User:Halfak (WMF)/Wikimedia data

From Meta, a Wikimedia project coordination wiki

Datasources[edit]

Primary[edit]

These datasources are official, well defined, maintained and kept up to date.

Content & contributors Reading behavior
Database replicas (more info)
  • Fully SQL query-able, live copy of the databases behind the wikis. Good for large/complex queries.
  • No text content.

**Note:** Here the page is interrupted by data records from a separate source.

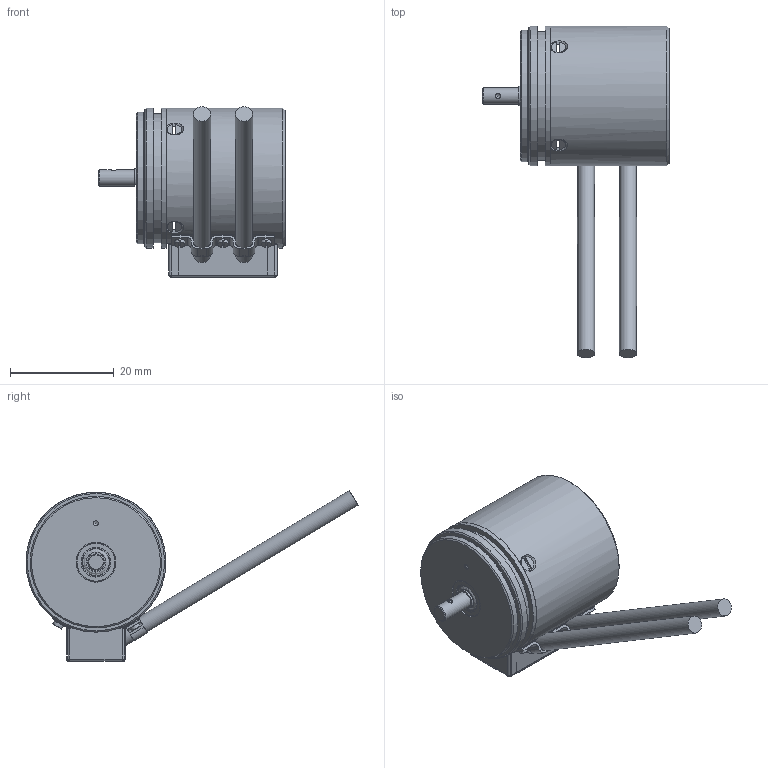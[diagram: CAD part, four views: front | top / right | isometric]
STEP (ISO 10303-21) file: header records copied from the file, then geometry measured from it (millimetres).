
FILE_DESCRIPTION(/* description */ ('Unknown'),/* implementation_level */ '2;1');
FILE_NAME(/* name */ 'P1514-1808_V5_2_THALES',/* time_stamp */ '2025-07-18T00:36:55+02:00',/* author */ ('Unknown'),/* organization */ ('Unknown'),/* preprocessor_version */ 'ST-DEVELOPER v19.4',/* originating_system */ 'Solid Edge',/* authorisation */ 'Unknown');
FILE_SCHEMA (('AUTOMOTIVE_DESIGN {1 0 10303 214 3 1 1}'));
Length unit declared in the file: millimetre
Products named in the file (54): P1514-1808_V5; P1514-1808-12_oa_0; 731257_oa_1; P1514-1808-29_oa_2; 731257_oa_3; P1514-1808-29_oa_4; P1514-1808-27_oa_5; 744040_oa_6; P1514-1808-26_oa_7; 744040; 744043_oa_8; P1514-1808-04_oa_9; P1514-1808-29_oa_10; P1514-1808-23_oa_11; P1514-1808-23_oa_12; 652220_oa_13; 652220_oa_14; 652220_oa_15; P1514-1808-32_oa_16; P1514-1808-14_oa_17; P1514-1808-31_oa_18; P1514-1808-37_oa_19; P1514-1808-39_oa_20; 652220_oa_21; 652178_oa_22; 652178_oa_23; 652178_oa_24; P1514-1808-37_oa_25; P1514-1808-29_oa_26; P1514-1808-29_oa_27; 652220_oa_28; P1514-1808-28_oa_29; P1514-1808-32_oa_30; P1514-1808-07_oa_31; P1514-1808-29_oa_32; 660002_oa_33; P1514-1808-40; 652178_oa_34; P1514-1808-42_oa_35; P1514-1808-29_oa_36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
Assembly tree (53 placements, depth 2):
  P1514-1808_V5
    P1514-1808-12_oa_0
    731257_oa_1
    P1514-1808-29_oa_2
    731257_oa_3
    P1514-1808-29_oa_4
    P1514-1808-27_oa_5
    744040_oa_6
    P1514-1808-26_oa_7
    744040
    744043_oa_8
    P1514-1808-04_oa_9
    P1514-1808-29_oa_10
    P1514-1808-23_oa_11
    P1514-1808-23_oa_12
    652220_oa_13
    652220_oa_14
    652220_oa_15
    P1514-1808-32_oa_16
    P1514-1808-14_oa_17
    P1514-1808-31_oa_18
    P1514-1808-37_oa_19
    P1514-1808-39_oa_20
    652220_oa_21
    652178_oa_22
    652178_oa_23
    652178_oa_24
    P1514-1808-37_oa_25
    P1514-1808-29_oa_26
    P1514-1808-29_oa_27
    652220_oa_28
    P1514-1808-28_oa_29
    P1514-1808-32_oa_30
    P1514-1808-07_oa_31
    P1514-1808-29_oa_32
    660002_oa_33
    P1514-1808-40
    652178_oa_34
    P1514-1808-42_oa_35
    P1514-1808-29_oa_36
    652220_oa_37
    P1514-1808-07_oa_38
    P1514-1808-29_oa_39
    P1514-1808-41_oa_40
    P1514-1808-30_oa_41
    P1514-1808-29_oa_42
    P1514-1808-24_oa_43
    P1514-1808-14_oa_44
    P1514-1808-29_oa_45
    P1514-1808-29_oa_46
    662708_oa_47
    P1514-1808-29_oa_48
    652178_oa_49
    P1514-1808-44
Bounding box: 36.15 x 64.06 x 32.96 mm (x, y, z)
Volume: 2904.9 mm3; surface area: 10928.9 mm2
Topology: 31 solids, 31 shells, 860 faces, 2163 edges, 1434 vertices
Faces by surface type: plane 555, cylinder 168, bspline 115, cone 20, torus 2
Full cylindrical faces by diameter (mm): 0.729 x6, 1 x8, 1.2 x1, 1.3 x12, 2 x6, 2.5 x1, 3.175 x3, 3.3 x2, 3.5 x2, 3.775 x1, 3.823 x1, 4.162 x1, 5.354 x1, 5.362 x1, 5.75 x2, 7.518 x1, 7.7 x1, 24 x1, 24.5 x1, 24.9 x1, 25.1 x1, 25.4 x1, 26 x2, 27 x3
Entity records: 34027 total; most frequent: CARTESIAN_POINT 9411, ORIENTED_EDGE 4130, DIRECTION 3649, EDGE_CURVE 2065, VERTEX_POINT 1414, LINE 1409, VECTOR 1409, AXIS2_PLACEMENT_3D 1120

If you need to process text, look to one of the other datasources.
  • Query from the web with Quarry or directly through Tool labs/LabsDB
MediaWiki API (more info)
  • Limited query-able RESTful API. Also capable of performing actions (edit, watchlist, etc.)
  • Slower than the database replicas, but text content is available.
  • Lots of client libraries available for Python, PHP, Java and more.
XML dumps (more info)
  • Large, full copies of metadata and text content.
  • Highly compressed datasets that are extremely large (terabytes when decompressed)
  • Recommended for large scale analysis of text & editor behavior.
  • Libraries available that simplify streaming decompression and analysis.
RCStream (more info)
  • A socket.io-based live stream of public events in Wikimedia wikis
  • No text data -- just metadata.
Wikidata query service (more info)
Page views (homepage)
  • Counts of page views by page title and whole wikis in hourly files.
  • Only historic datasource for reading behavior.
  • Query from the web with stats.grok.se

Secondary[edit]

WikiStats (more info)
  • A collection of reports generated about Wikimedia Projects (active editors, monthly pageviews, etc.)
DBPedia (homepage)
  • A database of structured data extracted from Wikipedias
  • RDF,N-triplets, SPARQL endpoint, Linked Data
Wikimedia @ DataHub.io (homepage)
ORES (more info)
  • Machine learning as a RESTful service
  • Scores revisions by the probability that they are damaging and predicts article quality.
WikiBrainAPI (homepage)
  • Powerful algorithmic processing for Wikipedia
  • Semantic relatedness, page rank calculations, etc.

Data processing libraries[edit]

pywikibot (Monolith)
mediawiki-utilities (Unix-style)
  • Primary datasources: mwapi, mwdb, mwxml, mwtytpes
  • Auth: mwoauth
  • Data processing: mwreverts, mwsessions, mwpersistence, mwparserfromhell, mwmetrics, mwevents, etc.